We talked to experts and compiled 10 potentially lifesaving winter safety tips for older adults:

1. Stock Up

Courtney recommends stocking up for your aging parent with at least seven days of food and water when a winter storm is on the way. It’s a good idea to have foods (such as canned items), that don’t have to be refrigerated or cooked, in the event of a power outage.

Stash some cat litter. It can help your loved one gain traction on icy surfaces. Meredith Harris, a physical therapist and spokesperson for the American Physical Therapy Association, recommends older adults carry a small bag with a mix of cat litter and salt to spread on icy steps and walkways. It's good to keep some in the car, too.

Get absorbent pads for pets. Potty pads can be helpful for a dog or other pet who usually has to be walked outdoors for toileting.

Skip the alcohol. Dr. Neal Sawlani, a structural heart cardiologist at Lutheran General Hospital in Chicago, says that while alcohol might feel warming as one drinks it, it actually makes the body more vulnerable to the cold. If your loved one does drink alcohol, ask him or her only to do so if planning to stay indoors.
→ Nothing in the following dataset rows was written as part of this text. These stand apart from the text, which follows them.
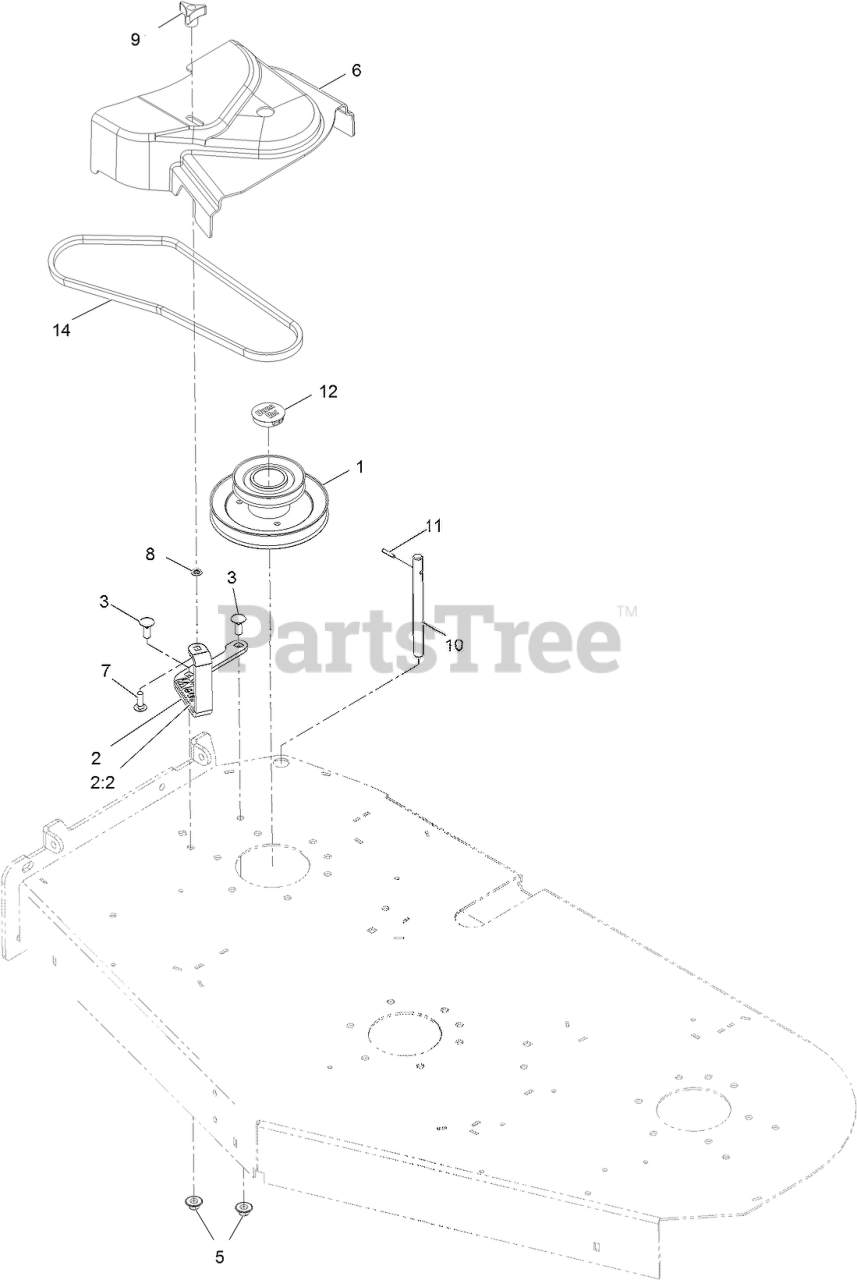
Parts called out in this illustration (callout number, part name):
1	JACKSHAFT-UV DRIVE 523
2	ASM-CVR BRKT W/DECAL
2:2	DECAL-DANGER
3	BOLT-CARR
5	Nut-Nyloc 3/8-16 Flg
6	COVER-BELT, UV 52
7	BOLT-CARR
8	RING-RETAINING, BOLT
9	KNOB-3 PRONG
10	SHAFT-CATCHER, GRASS
11	PIN-ROLL
12	PLUG, BLACK NYLON 1.75
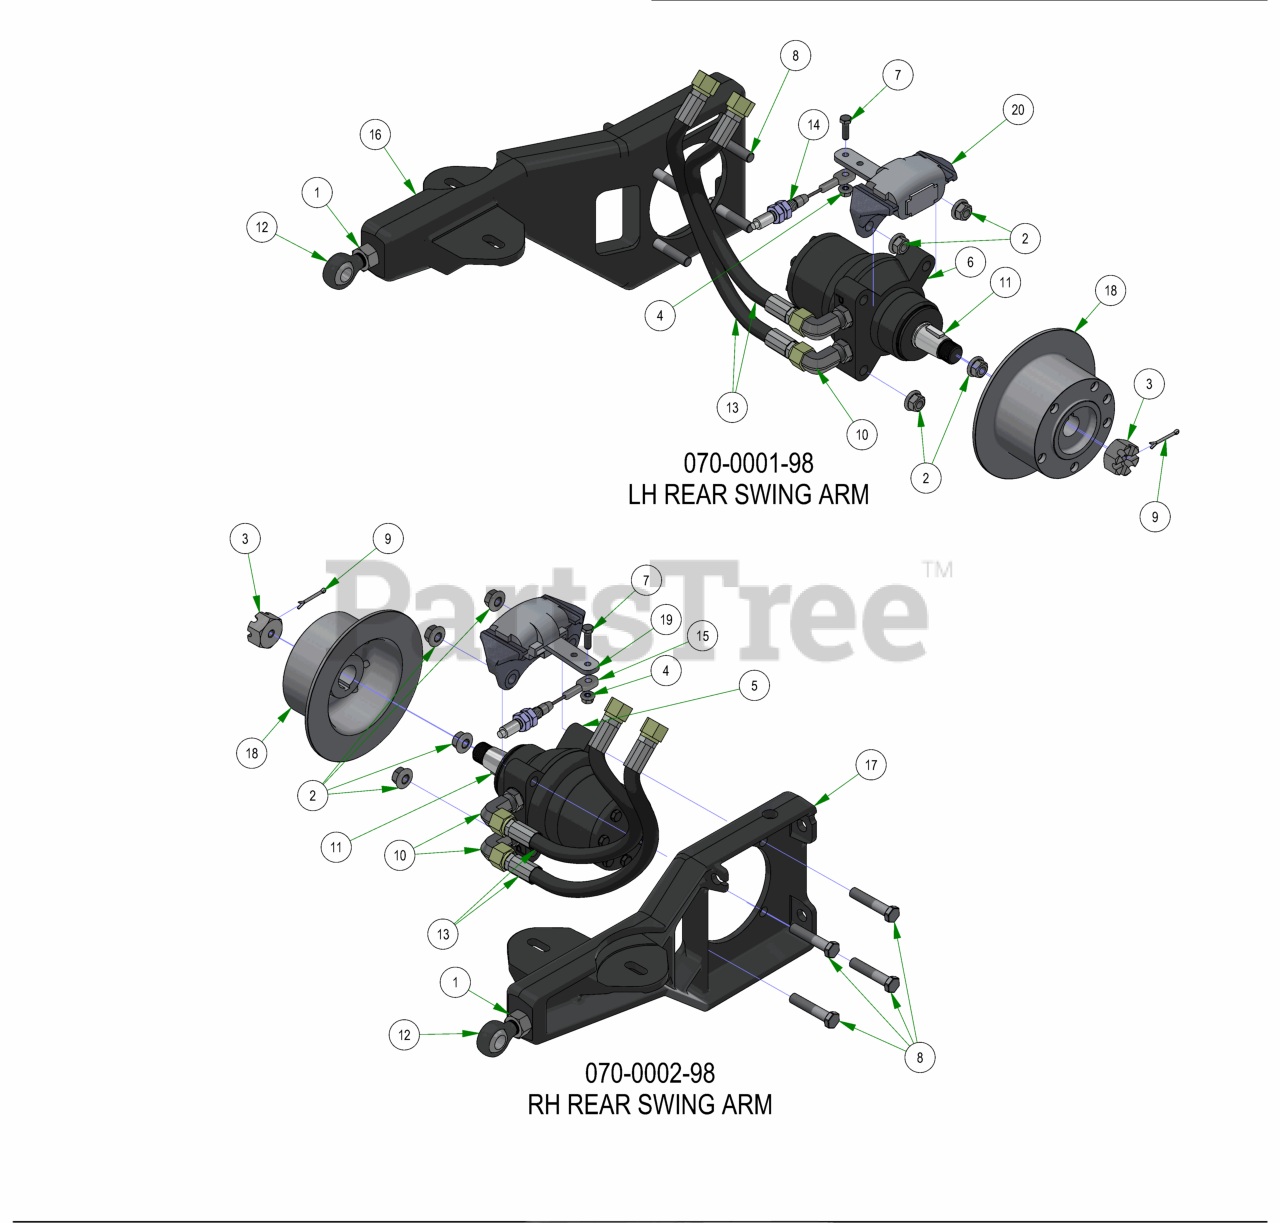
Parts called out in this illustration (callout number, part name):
1	3/4"-16 Fine Full Nut
2	1/2-13 Gr 8 Centerlock Flange Nut
3	1" Castle Nut for HydroGear Wheel Motor
4	5/16-18 NYLON INSERT FLANGE LOCKNUT ZINC
5	18cc Parker Wheel Motor- Right
6	18cc Parker Wheel Motor- Left
7	5/16-18 X 1 HEX CAP SCREW (GR.5) ZINC
8	1/2-13 x 2.75 Gr. 8 Hex Head Bolt
9	1/8 X 1-1/2 COTTER PIN ZINC
10	2019 Rouge/Renegade Wheel Motor 90* Fitting #6801-10L
11	Woodruff Key
12	3/4-16 RH Male Rod End
13	20" Hydraulic Hose
14	2019 Short Brake Cable-Suspension Models
15	2019 Long Brake Cable-Renegade, Rogue
16	2019 Left Trailing Arm
17	2019 Right Trailing Arm
18	Brake Disk
19	XP/AOS Right Brake Caliper
20	XP/AOS Left Brake Caliper

2. Build Time in the Schedule

Your aging loved ones will be safer it they can take their time when leaving the house or any building. The more time someone has, the easier it is to pay attention to the environment. “I usually tell people that I am working with, whether they are in the house or when they are outside, to wait and stop and look at where they are before they even start moving,” says Harris.

This is also important if your loved one is driving.

3. Stay Indoors

Even the most active, physically fit older adult may have to stay indoors when temperatures are dropping as fast as the snow. Unfortunately, this might mean canceling appointments.

The flipside to this advice is knowing when to leave. If the power goes out for any reason and doesn’t come back on in a couple of hours, it’s time to get your loved one to a warmer location, says Courtney, who adds that aging adults should not rely on the oven to warm the house.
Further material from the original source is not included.